** Data excerpts follows **
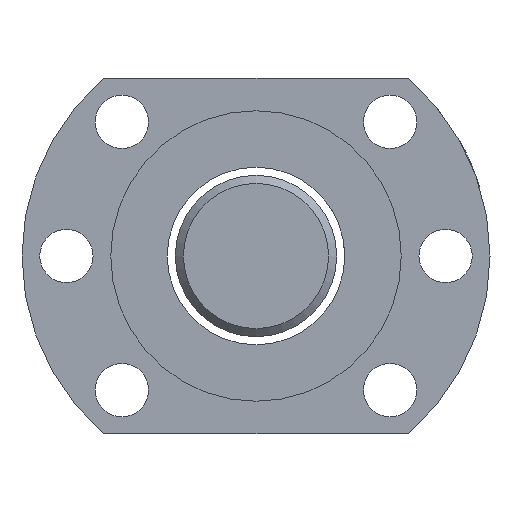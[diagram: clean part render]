
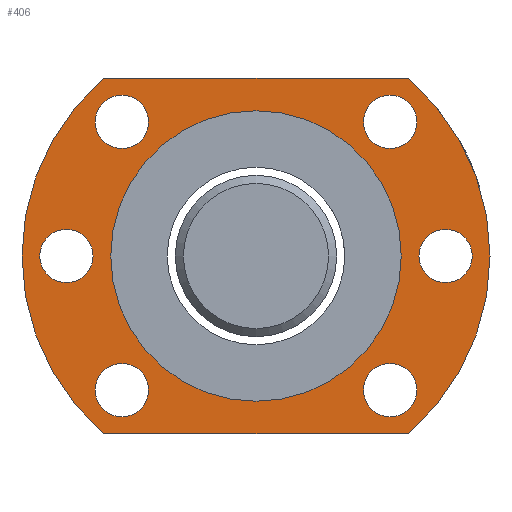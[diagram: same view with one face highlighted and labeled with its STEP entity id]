
A CAD part, left-side view. The second image highlights one B-rep face of the part: STEP entity #406.
In plain terms, the highlighted planar face has unit normal (-1, 0, 0).
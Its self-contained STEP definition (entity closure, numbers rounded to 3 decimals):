
#4 = ORIENTED_EDGE ( 'NONE', *, *, #2308, .T. ) ;
#13 = VECTOR ( 'NONE', #2025, 1000. ) ;
#25 = FACE_BOUND ( 'NONE', #727, .T. ) ;
#174 = DIRECTION ( 'NONE',  ( 0., -1., 0. ) ) ;
#195 = DIRECTION ( 'NONE',  ( 0., 0., 1. ) ) ;
#242 = LINE ( 'NONE', #870, #13 ) ;
#256 = EDGE_LOOP ( 'NONE', ( #2192 ) ) ;
#271 = VERTEX_POINT ( 'NONE', #1084 ) ;
#282 = EDGE_CURVE ( 'NONE', #1364, #643, #1490, .T. ) ;
#311 = ORIENTED_EDGE ( 'NONE', *, *, #2379, .T. ) ;
#362 = DIRECTION ( 'NONE',  ( 1., 0., 0. ) ) ;
#406 = ADVANCED_FACE ( 'NONE', ( #1227, #830, #1404, #1852, #2208, #1017, #25, #1415 ), #426, .T. ) ;
#425 = CARTESIAN_POINT ( 'NONE',  ( -113.948, -54.52, -1.46 ) ) ;
#426 = PLANE ( 'NONE',  #1370 ) ;
#467 = CARTESIAN_POINT ( 'NONE',  ( -113.948, -14.403, -18.077 ) ) ;
#468 = CARTESIAN_POINT ( 'NONE',  ( -113.948, -14.403, -21.377 ) ) ;
#475 = AXIS2_PLACEMENT_3D ( 'NONE', #1195, #961, #2001 ) ;
#496 = CARTESIAN_POINT ( 'NONE',  ( -113.948, -19.009, 0.623 ) ) ;
#525 = CARTESIAN_POINT ( 'NONE',  ( -113.948, -56.798, -43.377 ) ) ;
#537 = LINE ( 'NONE', #1144, #1145 ) ;
#563 = DIRECTION ( 'NONE',  ( 0., 0., 1. ) ) ;
#589 = ORIENTED_EDGE ( 'NONE', *, *, #1921, .T. ) ;
#596 = CIRCLE ( 'NONE', #1783, 3.3 ) ;
#643 = VERTEX_POINT ( 'NONE', #889 ) ;
#673 = EDGE_CURVE ( 'NONE', #750, #2165, #769, .T. ) ;
#675 = VERTEX_POINT ( 'NONE', #1450 ) ;
#684 = AXIS2_PLACEMENT_3D ( 'NONE', #1937, #946, #1965 ) ;
#727 = EDGE_LOOP ( 'NONE', ( #978 ) ) ;
#747 = DIRECTION ( 'NONE',  ( 0., 0., 1. ) ) ;
#750 = VERTEX_POINT ( 'NONE', #496 ) ;
#769 = CIRCLE ( 'NONE', #2242, 29. ) ;
#827 = ORIENTED_EDGE ( 'NONE', *, *, #1343, .F. ) ;
#830 = FACE_BOUND ( 'NONE', #2321, .T. ) ;
#843 = CARTESIAN_POINT ( 'NONE',  ( -113.948, -37.903, -39.377 ) ) ;
#870 = CARTESIAN_POINT ( 'NONE',  ( -113.948, -56.798, 0.623 ) ) ;
#889 = CARTESIAN_POINT ( 'NONE',  ( -113.948, -56.798, 0.623 ) ) ;
#946 = DIRECTION ( 'NONE',  ( -1., 0., 0. ) ) ;
#952 = EDGE_CURVE ( 'NONE', #2482, #2482, #2163, .T. ) ;
#961 = DIRECTION ( 'NONE',  ( -1., 0., 0. ) ) ;
#978 = ORIENTED_EDGE ( 'NONE', *, *, #2550, .T. ) ;
#1017 = FACE_BOUND ( 'NONE', #1210, .T. ) ;
#1018 = AXIS2_PLACEMENT_3D ( 'NONE', #1567, #362, #747 ) ;
#1056 = DIRECTION ( 'NONE',  ( -1., 0., 0. ) ) ;
#1084 = CARTESIAN_POINT ( 'NONE',  ( -113.948, -21.286, -34.694 ) ) ;
#1099 = CARTESIAN_POINT ( 'NONE',  ( -113.948, -37.903, -21.377 ) ) ;
#1144 = CARTESIAN_POINT ( 'NONE',  ( -113.948, -19.009, -43.377 ) ) ;
#1145 = VECTOR ( 'NONE', #174, 1000. ) ;
#1168 = DIRECTION ( 'NONE',  ( -1., 0., 0. ) ) ;
#1176 = EDGE_LOOP ( 'NONE', ( #827 ) ) ;
#1193 = AXIS2_PLACEMENT_3D ( 'NONE', #2199, #1168, #1798 ) ;
#1195 = CARTESIAN_POINT ( 'NONE',  ( -113.948, -37.903, -21.377 ) ) ;
#1210 = EDGE_LOOP ( 'NONE', ( #2388 ) ) ;
#1223 = ORIENTED_EDGE ( 'NONE', *, *, #2267, .F. ) ;
#1226 = VERTEX_POINT ( 'NONE', #425 ) ;
#1227 = FACE_BOUND ( 'NONE', #2251, .T. ) ;
#1276 = CIRCLE ( 'NONE', #1018, 3.3 ) ;
#1287 = CARTESIAN_POINT ( 'NONE',  ( -113.948, -54.52, -34.694 ) ) ;
#1343 = EDGE_CURVE ( 'NONE', #675, #675, #1568, .T. ) ;
#1361 = CIRCLE ( 'NONE', #475, 18. ) ;
#1364 = VERTEX_POINT ( 'NONE', #525 ) ;
#1370 = AXIS2_PLACEMENT_3D ( 'NONE', #1616, #1804, #2045 ) ;
#1401 = AXIS2_PLACEMENT_3D ( 'NONE', #2184, #1759, #563 ) ;
#1404 = FACE_OUTER_BOUND ( 'NONE', #2575, .T. ) ;
#1415 = FACE_BOUND ( 'NONE', #256, .T. ) ;
#1450 = CARTESIAN_POINT ( 'NONE',  ( -113.948, -21.286, -1.46 ) ) ;
#1490 = CIRCLE ( 'NONE', #1193, 29. ) ;
#1493 = CARTESIAN_POINT ( 'NONE',  ( -113.948, -61.403, -18.077 ) ) ;
#1533 = EDGE_CURVE ( 'NONE', #271, #271, #2546, .T. ) ;
#1567 = CARTESIAN_POINT ( 'NONE',  ( -113.948, -54.52, -4.76 ) ) ;
#1568 = CIRCLE ( 'NONE', #684, 3.3 ) ;
#1589 = CARTESIAN_POINT ( 'NONE',  ( -113.948, -54.52, -37.994 ) ) ;
#1616 = CARTESIAN_POINT ( 'NONE',  ( -113.948, -37.903, -21.377 ) ) ;
#1628 = DIRECTION ( 'NONE',  ( 1., 0., 0. ) ) ;
#1669 = VERTEX_POINT ( 'NONE', #1287 ) ;
#1670 = DIRECTION ( 'NONE',  ( 0., 0., 1. ) ) ;
#1709 = AXIS2_PLACEMENT_3D ( 'NONE', #468, #1056, #1670 ) ;
#1759 = DIRECTION ( 'NONE',  ( 1., 0., 0. ) ) ;
#1764 = ORIENTED_EDGE ( 'NONE', *, *, #673, .T. ) ;
#1777 = DIRECTION ( 'NONE',  ( 0., 0., 1. ) ) ;
#1783 = AXIS2_PLACEMENT_3D ( 'NONE', #1589, #1628, #1777 ) ;
#1798 = DIRECTION ( 'NONE',  ( 0., 0., -1. ) ) ;
#1804 = DIRECTION ( 'NONE',  ( -1., 0., 0. ) ) ;
#1814 = CARTESIAN_POINT ( 'NONE',  ( -113.948, -21.286, -37.994 ) ) ;
#1824 = ORIENTED_EDGE ( 'NONE', *, *, #282, .T. ) ;
#1852 = FACE_BOUND ( 'NONE', #2215, .T. ) ;
#1893 = VERTEX_POINT ( 'NONE', #843 ) ;
#1905 = DIRECTION ( 'NONE',  ( 0., 0., -1. ) ) ;
#1921 = EDGE_CURVE ( 'NONE', #643, #750, #242, .T. ) ;
#1937 = CARTESIAN_POINT ( 'NONE',  ( -113.948, -21.286, -4.76 ) ) ;
#1965 = DIRECTION ( 'NONE',  ( 0., 0., 1. ) ) ;
#1989 = CARTESIAN_POINT ( 'NONE',  ( -113.948, -19.009, -43.377 ) ) ;
#2001 = DIRECTION ( 'NONE',  ( 0., 0., -1. ) ) ;
#2025 = DIRECTION ( 'NONE',  ( 0., 1., 0. ) ) ;
#2045 = DIRECTION ( 'NONE',  ( 0., 0., 1. ) ) ;
#2157 = AXIS2_PLACEMENT_3D ( 'NONE', #1814, #2217, #195 ) ;
#2163 = CIRCLE ( 'NONE', #1709, 3.3 ) ;
#2165 = VERTEX_POINT ( 'NONE', #1989 ) ;
#2184 = CARTESIAN_POINT ( 'NONE',  ( -113.948, -61.403, -21.377 ) ) ;
#2187 = EDGE_CURVE ( 'NONE', #1226, #1226, #1276, .T. ) ;
#2192 = ORIENTED_EDGE ( 'NONE', *, *, #2187, .T. ) ;
#2199 = CARTESIAN_POINT ( 'NONE',  ( -113.948, -37.903, -21.377 ) ) ;
#2208 = FACE_BOUND ( 'NONE', #1176, .T. ) ;
#2215 = EDGE_LOOP ( 'NONE', ( #2464 ) ) ;
#2217 = DIRECTION ( 'NONE',  ( -1., 0., 0. ) ) ;
#2242 = AXIS2_PLACEMENT_3D ( 'NONE', #1099, #2497, #1905 ) ;
#2251 = EDGE_LOOP ( 'NONE', ( #311 ) ) ;
#2267 = EDGE_CURVE ( 'NONE', #1893, #1893, #1361, .T. ) ;
#2308 = EDGE_CURVE ( 'NONE', #2165, #1364, #537, .T. ) ;
#2321 = EDGE_LOOP ( 'NONE', ( #1223 ) ) ;
#2379 = EDGE_CURVE ( 'NONE', #2453, #2453, #2582, .T. ) ;
#2388 = ORIENTED_EDGE ( 'NONE', *, *, #1533, .F. ) ;
#2453 = VERTEX_POINT ( 'NONE', #1493 ) ;
#2464 = ORIENTED_EDGE ( 'NONE', *, *, #952, .F. ) ;
#2482 = VERTEX_POINT ( 'NONE', #467 ) ;
#2497 = DIRECTION ( 'NONE',  ( -1., 0., 0. ) ) ;
#2546 = CIRCLE ( 'NONE', #2157, 3.3 ) ;
#2550 = EDGE_CURVE ( 'NONE', #1669, #1669, #596, .T. ) ;
#2575 = EDGE_LOOP ( 'NONE', ( #1764, #4, #1824, #589 ) ) ;
#2582 = CIRCLE ( 'NONE', #1401, 3.3 ) ;
** End of Data excerpts **
→ Assignment
Checking each line of the data, count the ones containing "CIRCLE", and give only that count.

→ Your solution
9